Pictures do not belong in the output. Reproduce exactly the lines from the start of the records through the line with "import ezdxf".
[Opening TASK INPUTS section]
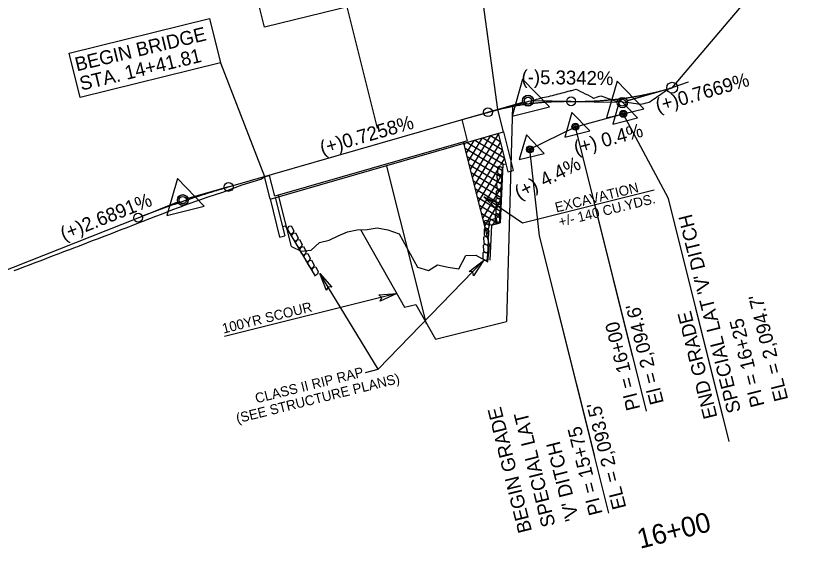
# Model space of a CAD drawing. Extents: x 1030663 to 1033857, y 654635 to 657099.
# Drawn here: x 1031298.2 to 1031692.3, y 655961.2 to 656230.1 of the extents above; entities that cross this region are included whole.
import ezdxf

# ---------------------------------------------------------------- set-up
doc = ezdxf.new("R2010")
doc.units = 0
for name, color, linetype in [('Default', 7, 'Continuous'), ('Exist Vertical Profile Ground Line', 7, 'Continuous'), ('Exist Vertical Profile Horizontal Axis Label Major', 7, 'Continuous'), ('Prop CMT PFL Bottom Envelope', 7, 'Continuous'), ('Prop Grid Mask', 7, 'Continuous'), ('Prop PFL Text', 7, 'Continuous'), ('Prop PFL VPI Symbol CELL', 7, 'Continuous'), ('Prop Terminator CELL', 7, 'Continuous'), ('Prop Vertical Profile Curve Label', 7, 'Continuous'), ('Prop Vertical Profile Ditch Grade Right', 7, 'Continuous'), ('Prop Vertical Profile Ditch Grade Right Label', 7, 'Continuous'), ('Prop Vertical Profile Grade', 7, 'Continuous'), ('Prop Vertical Profile Grade Label', 7, 'Continuous'), ('Prop VPI Ditch Grade Right Label', 7, 'Continuous'), ('Prop VPI Label', 7, 'Continuous')]:
    doc.layers.add(name, color=color, linetype=linetype)

msp = doc.modelspace()

# ---------------------------------------------------------------- linework, layer by layer
at = {"layer": 'Default'}
for p, q in [((1031480.61, 656173.24), (1031465.38, 656234.47)), ((1031548.7, 656184.39), (1031545.65, 656075.66)), ((1031543.8, 656154.93), (1031545.3, 656155.31)), ((1031505.23, 656074.48), (1031485.37, 656154.12)), ((1031543.8, 656154.93), (1031542.41, 656125.45)), ((1031430.65, 656138.54), (1031431.11, 656138.26)), ((1031434.22, 656123.85), (1031432.78, 656123.49)), ((1031433.94, 656123.78), (1031432.78, 656123.49)), ((1031434.22, 656123.85), (1031449.22, 656098.58)), ((1031538.14, 656124.38), (1031537.3, 656106.59)), ((1031538.14, 656124.38), (1031542.41, 656125.45)), ((1031472.03, 656122.07), (1031494.29, 656082.9)), ((1031494.29, 656082.9), (1031499.91, 656084.3)), ((1031499.91, 656084.3), (1031509.89, 656066.74)), ((1031509.89, 656066.74), (1031545.65, 656075.66))]:
    msp.add_line(p, q, dxfattribs=at)
for points in [[(1031543.29, 656149.86), (1031543.49, 656151.03), (1031543.56, 656153.2), (1031542.08, 656153.93), (1031541.07, 656153.62), (1031541.13, 656150.77), (1031542.11, 656149.9), (1031543.29, 656149.86)], [(1031543.07, 656145.78), (1031543.27, 656146.95), (1031543.35, 656149.12), (1031541.86, 656149.85), (1031540.85, 656149.54), (1031540.91, 656146.69), (1031541.9, 656145.82), (1031543.07, 656145.78)], [(1031542.87, 656141.87), (1031543.07, 656143.03), (1031543.14, 656145.21), (1031541.65, 656145.93), (1031540.64, 656145.63), (1031540.71, 656142.78), (1031541.69, 656141.91), (1031542.87, 656141.87)], [(1031620.06, 656141.89), (1031553.7, 656125.34), (1031534.29, 656138.61)], [(1031542.73, 656137.7), (1031542.93, 656138.87), (1031543, 656141.04), (1031541.51, 656141.77), (1031540.5, 656141.46), (1031540.57, 656138.61), (1031541.55, 656137.74), (1031542.73, 656137.7)], [(1031542.55, 656133.68), (1031542.75, 656134.85), (1031542.82, 656137.03), (1031541.33, 656137.75), (1031540.32, 656137.45), (1031540.39, 656134.6), (1031541.37, 656133.72), (1031542.55, 656133.68)], [(1031542.38, 656129.76), (1031542.58, 656130.93), (1031542.66, 656133.1), (1031541.17, 656133.83), (1031540.16, 656133.52), (1031540.22, 656130.67), (1031541.21, 656129.8), (1031542.38, 656129.76)], [(1031537.19, 656124.49), (1031538.37, 656124.61), (1031540.48, 656125.13), (1031540.78, 656126.76), (1031540.21, 656127.65), (1031537.48, 656126.82), (1031536.91, 656125.63), (1031537.19, 656124.49)], [(1031542.08, 656125.87), (1031542.28, 656127.04), (1031542.36, 656129.21), (1031540.87, 656129.94), (1031539.86, 656129.63), (1031539.92, 656126.78), (1031540.9, 656125.91), (1031542.08, 656125.87)], [(1031436.97, 656119.6), (1031436.24, 656120.54), (1031435.16, 656122.42), (1031436.13, 656123.76), (1031437.16, 656123.97), (1031438.45, 656121.42), (1031437.99, 656120.19), (1031436.97, 656119.6)], [(1031536.67, 656122.62), (1031536.87, 656123.79), (1031536.94, 656125.97), (1031535.46, 656126.69), (1031534.45, 656126.39), (1031534.51, 656123.53), (1031535.49, 656122.66), (1031536.67, 656122.62)], [(1031439.08, 656116.1), (1031438.35, 656117.04), (1031437.26, 656118.93), (1031438.24, 656120.27), (1031439.27, 656120.47), (1031440.55, 656117.92), (1031440.09, 656116.69), (1031439.08, 656116.1)], [(1031536.53, 656118.46), (1031536.73, 656119.63), (1031536.8, 656121.8), (1031535.31, 656122.53), (1031534.3, 656122.22), (1031534.37, 656119.37), (1031535.35, 656118.5), (1031536.53, 656118.46)], [(1031441.09, 656112.74), (1031440.37, 656113.68), (1031439.28, 656115.57), (1031440.25, 656116.91), (1031441.29, 656117.11), (1031442.57, 656114.56), (1031442.11, 656113.33), (1031441.09, 656112.74)], [(1031536.35, 656114.44), (1031536.55, 656115.61), (1031536.62, 656117.78), (1031535.14, 656118.51), (1031534.12, 656118.21), (1031534.19, 656115.35), (1031535.17, 656114.48), (1031536.35, 656114.44)], [(1031443.17, 656109.13), (1031442.45, 656110.07), (1031441.36, 656111.95), (1031442.33, 656113.29), (1031443.37, 656113.5), (1031444.65, 656110.95), (1031444.19, 656109.72), (1031443.17, 656109.13)], [(1031536.18, 656110.52), (1031536.38, 656111.69), (1031536.46, 656113.86), (1031534.97, 656114.59), (1031533.96, 656114.28), (1031534.02, 656111.43), (1031535.01, 656110.56), (1031536.18, 656110.52)], [(1031445.22, 656105.67), (1031444.49, 656106.61), (1031443.4, 656108.49), (1031444.38, 656109.83), (1031445.41, 656110.04), (1031446.69, 656107.49), (1031446.23, 656106.26), (1031445.22, 656105.67)], [(1031535.88, 656106.63), (1031536.08, 656107.79), (1031536.16, 656109.97), (1031534.67, 656110.69), (1031533.66, 656110.39), (1031533.72, 656107.54), (1031534.71, 656106.67), (1031535.88, 656106.63)], [(1031447.21, 656102.28), (1031446.48, 656103.22), (1031445.39, 656105.1), (1031446.37, 656106.44), (1031447.4, 656106.65), (1031448.68, 656104.1), (1031448.22, 656102.87), (1031447.21, 656102.28)], [(1031474.6, 656050.03), (1031481.01, 656051.62), (1031534.12, 656106.4)], [(1031449.3, 656098.99), (1031448.57, 656099.92), (1031447.49, 656101.81), (1031448.46, 656103.15), (1031449.49, 656103.36), (1031450.78, 656100.81), (1031450.32, 656099.57), (1031449.3, 656098.99)], [(1031481.01, 656051.62), (1031451.48, 656099.86)], [(1031490.39, 656089.75), (1031403.4, 656068.06)]]:
    msp.add_lwpolyline(points, dxfattribs=at)
at = {"layer": 'Exist Vertical Profile Ground Line'}
for p, q in [((1031525.96, 656166.87), (1031523.27, 656177.63)), ((1031525.96, 656166.87), (1031428.85, 656138.86)), ((1031537, 656114.32), (1031524.03, 656166.31)), ((1031423.97, 656148.84), (1031426.22, 656149.4)), ((1031428.85, 656138.86), (1031426.22, 656149.4)), ((1031437.24, 656113.49), (1031430.77, 656139.41))]:
    msp.add_line(p, q, dxfattribs=at)
for points in [[(1031523.27, 656177.63), (1031546, 656183.78), (1031552.12, 656185.56), (1031555.91, 656186.58), (1031556.9, 656186.84), (1031557.88, 656187.1), (1031558.87, 656187.36), (1031559.86, 656187.62), (1031560.84, 656187.88), (1031561.83, 656188.13), (1031562.82, 656188.39), (1031563.8, 656188.66), (1031564.79, 656188.91), (1031565.79, 656189.09), (1031566.89, 656189.29), (1031567.79, 656189.52), (1031568.78, 656189.78), (1031569.76, 656190.04), (1031570.75, 656190.3), (1031571.74, 656190.55), (1031572.72, 656190.81), (1031573.71, 656191.07), (1031574.7, 656191.33), (1031575.68, 656191.59), (1031576.67, 656191.85), (1031577.66, 656192.1), (1031577.97, 656192.19), (1031578.64, 656192.35), (1031579.63, 656192.6), (1031580.71, 656192.87), (1031581.79, 656192.37), (1031582.98, 656191.81), (1031584.18, 656191.23), (1031585.38, 656190.63), (1031586.58, 656190.02), (1031587.79, 656189.38), (1031589.01, 656188.73), (1031589.57, 656188.42), (1031590.09, 656188.59), (1031591.07, 656188.9), (1031592.05, 656189.19), (1031593.26, 656189.53), (1031594.13, 656189.25), (1031595.28, 656188.87), (1031596.43, 656188.48), (1031597.58, 656188.08), (1031598.73, 656187.67), (1031599.89, 656187.24), (1031601.04, 656186.82), (1031602.12, 656186.74), (1031603.19, 656186.65), (1031604.27, 656186.54), (1031605.35, 656186.43), (1031606.43, 656186.31), (1031607.51, 656186.17), (1031608.6, 656186.03), (1031609.69, 656185.88), (1031611.04, 656185.67), (1031611.87, 656185.55), (1031613.06, 656185.36), (1031613.97, 656185.55), (1031614.97, 656185.76), (1031615.97, 656185.98), (1031616.97, 656186.19), (1031617.57, 656186.31), (1031617.92, 656186.57), (1031618.81, 656187.21), (1031619.71, 656187.84), (1031620.6, 656188.47), (1031621.5, 656189.1), (1031622.39, 656189.72), (1031623.29, 656190.33), (1031624.19, 656190.94), (1031625.09, 656191.54), (1031626.36, 656192.39), (1031627.42, 656193.05), (1031627.86, 656193.44), (1031629.13, 656193.75), (1031637.36, 656196.59), (1031637.36, 656196.59)], [(1031297.49, 656101.37), (1031299.41, 656102.11), (1031302.3, 656103.22), (1031305.2, 656104.32), (1031308.09, 656105.43), (1031310.98, 656106.54), (1031313.87, 656107.65), (1031316.76, 656108.76), (1031319.65, 656109.87), (1031321.39, 656110.54), (1031322.55, 656110.98), (1031323.5, 656111.34), (1031323.82, 656111.45), (1031325.45, 656112.06), (1031328.34, 656113.14), (1031329.49, 656113.57), (1031330.74, 656114.06), (1031331.23, 656114.25), (1031334.12, 656115.37), (1031337.01, 656116.49), (1031339.9, 656117.61), (1031342.79, 656118.73), (1031345.68, 656119.85), (1031348.57, 656120.97), (1031351.46, 656122.08), (1031354.35, 656123.2), (1031355.64, 656123.7), (1031357.24, 656124.32), (1031360.13, 656125.45), (1031363.01, 656126.58), (1031363.62, 656126.81), (1031365.9, 656127.69), (1031368.79, 656128.81), (1031371.68, 656129.92), (1031374.57, 656131.03), (1031377.47, 656132.15), (1031380.36, 656133.26), (1031381.79, 656133.81), (1031383.26, 656134.33), (1031386.17, 656135.36), (1031389.08, 656136.39), (1031391.99, 656137.41), (1031392.45, 656137.58), (1031395.33, 656138.66), (1031402.61, 656140.95), (1031412.43, 656144.62), (1031421.86, 656147.54), (1031423.97, 656148.84)], [(1031437.24, 656113.49), (1031442.14, 656111.13), (1031447.16, 656111.66), (1031451.35, 656115.5), (1031456.21, 656116.71), (1031460.8, 656118.94), (1031465.46, 656120.91), (1031470.34, 656122.03), (1031475.46, 656122.14), (1031480.4, 656123.01), (1031485.82, 656121.93), (1031491.45, 656120), (1031500.81, 656103.13), (1031506.38, 656101.45), (1031510.81, 656104.36), (1031516.25, 656103.19), (1031521.63, 656102.28), (1031525.13, 656108.92), (1031530.22, 656109.2), (1031536.23, 656105.74), (1031537, 656114.32)]]:
    msp.add_lwpolyline(points, dxfattribs=at)
at = {"layer": 'Prop CMT PFL Bottom Envelope'}
for p, q in [((1031544.13, 656171.38), (1031541.32, 656182.67)), ((1031426.46, 656137.46), (1031544.13, 656171.38)), ((1031544.13, 656171.38), (1031548.97, 656151.97)), ((1031525.43, 656160.72), (1031529.26, 656167.09)), ((1031526.46, 656156.6), (1031533.49, 656168.31)), ((1031527.48, 656152.48), (1031537.72, 656169.53)), ((1031528.51, 656148.37), (1031541.6, 656170.16)), ((1031529.71, 656167.22), (1031544.56, 656158.3)), ((1031533.65, 656168.35), (1031543.53, 656162.42)), ((1031537.59, 656169.49), (1031542.51, 656166.53)), ((1031541.46, 656170.71), (1031546.3, 656151.3)), ((1031524.4, 656164.83), (1031525.03, 656165.87)), ((1031524.82, 656163.16), (1031543.66, 656151.84)), ((1031525.78, 656166.09), (1031544.14, 656155.05)), ((1031529.54, 656144.25), (1031542.63, 656166.04)), ((1031530.56, 656140.13), (1031543.65, 656161.92)), ((1031525.85, 656159.04), (1031543.49, 656148.44)), ((1031542.8, 656154.68), (1031544.68, 656157.81)), ((1031526.87, 656154.93), (1031543.33, 656145.04)), ((1031531.59, 656136.02), (1031542.64, 656154.4)), ((1031546.3, 656151.3), (1031548.97, 656151.97)), ((1031426.42, 656137.64), (1031423.62, 656148.84)), ((1031527.9, 656150.81), (1031543.17, 656141.63)), ((1031532.61, 656131.9), (1031543.58, 656150.14)), ((1031528.93, 656146.69), (1031543.01, 656138.23)), ((1031533.64, 656127.78), (1031543.28, 656143.82)), ((1031529.95, 656142.58), (1031541.74, 656135.49)), ((1031426.42, 656137.64), (1031431.26, 656118.23)), ((1031429.09, 656138.3), (1031433.92, 656118.9)), ((1031530.98, 656138.46), (1031542.69, 656131.42)), ((1031534.72, 656123.76), (1031542.98, 656137.5)), ((1031532.01, 656134.34), (1031542.53, 656128.02)), ((1031533.13, 656130.17), (1031541.42, 656125.19)), ((1031538.67, 656124.5), (1031542.68, 656131.18)), ((1031534.06, 656126.11), (1031537.28, 656124.17)), ((1031535.08, 656121.99), (1031536.83, 656120.94)), ((1031535.69, 656119.55), (1031536.86, 656121.49)), ((1031431.26, 656118.23), (1031433.92, 656118.9))]:
    msp.add_line(p, q, dxfattribs=at)
at = {"layer": 'Prop Grid Mask'}
for points in [[(1031413.95, 656263.49), (1031510.89, 656287.51), (1031520.64, 656248.16), (1031423.7, 656224.15)], [(1031325.16, 656211.18), (1031395.98, 656228.62), (1031401.5, 656206.18), (1031330.68, 656188.74)]]:
    msp.add_lwpolyline(points, close=True, dxfattribs=at)
at = {"layer": 'Prop PFL VPI Symbol CELL'}
for p, q in [((1031553.77, 656198.03), (1031548.45, 656179.39)), ((1031553.77, 656198.03), (1031567.29, 656184.09)), ((1031601.36, 656197.04), (1031596.04, 656178.4)), ((1031601.36, 656197.04), (1031614.88, 656183.1)), ((1031548.45, 656179.39), (1031567.29, 656184.09)), ((1031596.04, 656178.4), (1031614.88, 656183.1)), ((1031379.73, 656147.87), (1031374.41, 656129.23)), ((1031379.73, 656147.87), (1031393.26, 656133.93)), ((1031374.41, 656129.23), (1031393.26, 656133.93))]:
    msp.add_line(p, q, dxfattribs=at)
for centre, radius in [((1031556.49, 656187.14), 2.62), ((1031556.49, 656187.14), 1.8), ((1031604.08, 656186.15), 2.62), ((1031604.08, 656186.15), 1.8), ((1031382.46, 656136.98), 2.62), ((1031382.46, 656136.98), 1.8)]:
    msp.add_circle(centre, radius, dxfattribs=at)
at = {"layer": 'Prop Terminator CELL'}
for points in [[(1031540.85, 656132.25), (1031534.29, 656138.61), (1031542.67, 656134.83), (1031540.81, 656134.15)], [(1031526.75, 656101.01), (1031534.12, 656106.4), (1031528.97, 656098.79), (1031528.63, 656100.73)], [(1031454.86, 656091.38), (1031451.48, 656099.86), (1031457.57, 656092.98), (1031455.61, 656093.13)], [(1031481.28, 656089.08), (1031490.39, 656089.75), (1031482, 656086.01), (1031482.73, 656087.84)]]:
    msp.add_lwpolyline(points, close=True, dxfattribs=at)
at = {"layer": 'Prop Vertical Profile Curve Label'}
for centre in [(1031578.23, 656186.79), (1031536.3, 656181.32), (1031405.54, 656143.63), (1031359.95, 656128.05)]:
    msp.add_circle(centre, 2.25, dxfattribs=at)
at = {"layer": 'Prop Vertical Profile Ditch Grade Right'}
msp.add_lwpolyline([(1031557.47, 656162.58), (1031580.39, 656173.97), (1031604.53, 656180.5)], dxfattribs=at)
at = {"layer": 'Prop Vertical Profile Grade'}
for p, q in [((1031628.12, 656193.34), (1031629.16, 656193.64)), ((1031405.54, 656143.63), (1031536.3, 656181.32)), ((1031270.87, 656092.67), (1031359.95, 656128.05))]:
    msp.add_line(p, q, dxfattribs=at)
for points in [[(1031578.23, 656186.79), (1031579.26, 656186.77), (1031580.29, 656186.76), (1031581.32, 656186.76), (1031582.35, 656186.76), (1031583.38, 656186.77), (1031584.41, 656186.79), (1031585.43, 656186.81), (1031586.46, 656186.84), (1031587.48, 656186.87), (1031588.5, 656186.91), (1031589.52, 656186.96), (1031590.54, 656187.01), (1031591.56, 656187.06), (1031592.57, 656187.13), (1031593.58, 656187.2), (1031594.6, 656187.27), (1031595.61, 656187.35), (1031596.61, 656187.44), (1031597.62, 656187.53), (1031598.63, 656187.63), (1031599.63, 656187.73), (1031600.64, 656187.84), (1031601.64, 656187.96), (1031602.64, 656188.08), (1031603.64, 656188.21), (1031604.63, 656188.34), (1031605.63, 656188.48), (1031606.62, 656188.63), (1031607.62, 656188.78), (1031608.61, 656188.94), (1031609.6, 656189.1), (1031610.59, 656189.27), (1031611.57, 656189.45), (1031612.56, 656189.63), (1031613.54, 656189.82), (1031614.52, 656190.01), (1031615.51, 656190.21), (1031616.48, 656190.42), (1031617.46, 656190.63), (1031618.44, 656190.84), (1031619.41, 656191.07), (1031620.39, 656191.3), (1031621.36, 656191.53), (1031622.33, 656191.77), (1031623.3, 656192.02), (1031624.27, 656192.27), (1031625.23, 656192.53), (1031626.2, 656192.79), (1031627.16, 656193.06), (1031628.12, 656193.34)], [(1031536.3, 656181.32), (1031537.11, 656181.55), (1031537.92, 656181.78), (1031538.73, 656182), (1031539.54, 656182.22), (1031540.36, 656182.43), (1031541.17, 656182.63), (1031541.99, 656182.83), (1031542.8, 656183.03), (1031543.62, 656183.22), (1031544.44, 656183.41), (1031545.26, 656183.59), (1031546.08, 656183.76), (1031546.91, 656183.93), (1031547.73, 656184.1), (1031548.56, 656184.26), (1031549.38, 656184.42), (1031550.21, 656184.57), (1031551.04, 656184.71), (1031551.87, 656184.86), (1031552.7, 656184.99), (1031553.54, 656185.12), (1031554.37, 656185.25), (1031555.2, 656185.37), (1031556.04, 656185.49), (1031556.88, 656185.6), (1031557.72, 656185.71), (1031558.56, 656185.81), (1031559.4, 656185.9), (1031560.24, 656186), (1031561.09, 656186.08), (1031561.93, 656186.17), (1031562.78, 656186.24), (1031563.63, 656186.32), (1031564.48, 656186.38), (1031565.33, 656186.44), (1031566.18, 656186.5), (1031567.03, 656186.55), (1031567.88, 656186.6), (1031568.74, 656186.64), (1031569.6, 656186.68), (1031570.45, 656186.71), (1031571.31, 656186.74), (1031572.17, 656186.76), (1031573.03, 656186.78), (1031573.9, 656186.8), (1031574.76, 656186.8), (1031575.62, 656186.81), (1031576.49, 656186.8), (1031577.36, 656186.8), (1031578.23, 656186.79)], [(1031359.95, 656128.05), (1031360.85, 656128.4), (1031361.75, 656128.76), (1031362.66, 656129.11), (1031363.56, 656129.46), (1031364.46, 656129.81), (1031365.36, 656130.16), (1031366.27, 656130.5), (1031367.17, 656130.85), (1031368.07, 656131.19), (1031368.98, 656131.53), (1031369.88, 656131.87), (1031370.79, 656132.2), (1031371.7, 656132.54), (1031372.6, 656132.87), (1031373.51, 656133.2), (1031374.42, 656133.53), (1031375.32, 656133.86), (1031376.23, 656134.18), (1031377.14, 656134.51), (1031378.05, 656134.83), (1031378.96, 656135.15), (1031379.87, 656135.47), (1031380.78, 656135.78), (1031381.69, 656136.1), (1031382.6, 656136.41), (1031383.51, 656136.72), (1031384.43, 656137.03), (1031385.34, 656137.34), (1031386.25, 656137.64), (1031387.17, 656137.95), (1031388.08, 656138.25), (1031389, 656138.55), (1031389.91, 656138.85), (1031390.83, 656139.14), (1031391.74, 656139.44), (1031392.66, 656139.73), (1031393.57, 656140.02), (1031394.49, 656140.31), (1031395.41, 656140.6), (1031396.33, 656140.88), (1031397.25, 656141.17), (1031398.17, 656141.45), (1031399.09, 656141.73), (1031400.01, 656142), (1031400.93, 656142.28), (1031401.85, 656142.56), (1031402.77, 656142.83), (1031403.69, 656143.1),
[Closing TASK INPUTS section]
* EXERCISE RESPONSE *
# Model space of a CAD drawing. Extents: x 1030663 to 1033857, y 654635 to 657099.
# Drawn here: x 1031298.2 to 1031692.3, y 655961.2 to 656230.1 of the extents above; entities that cross this region are included whole.
import ezdxf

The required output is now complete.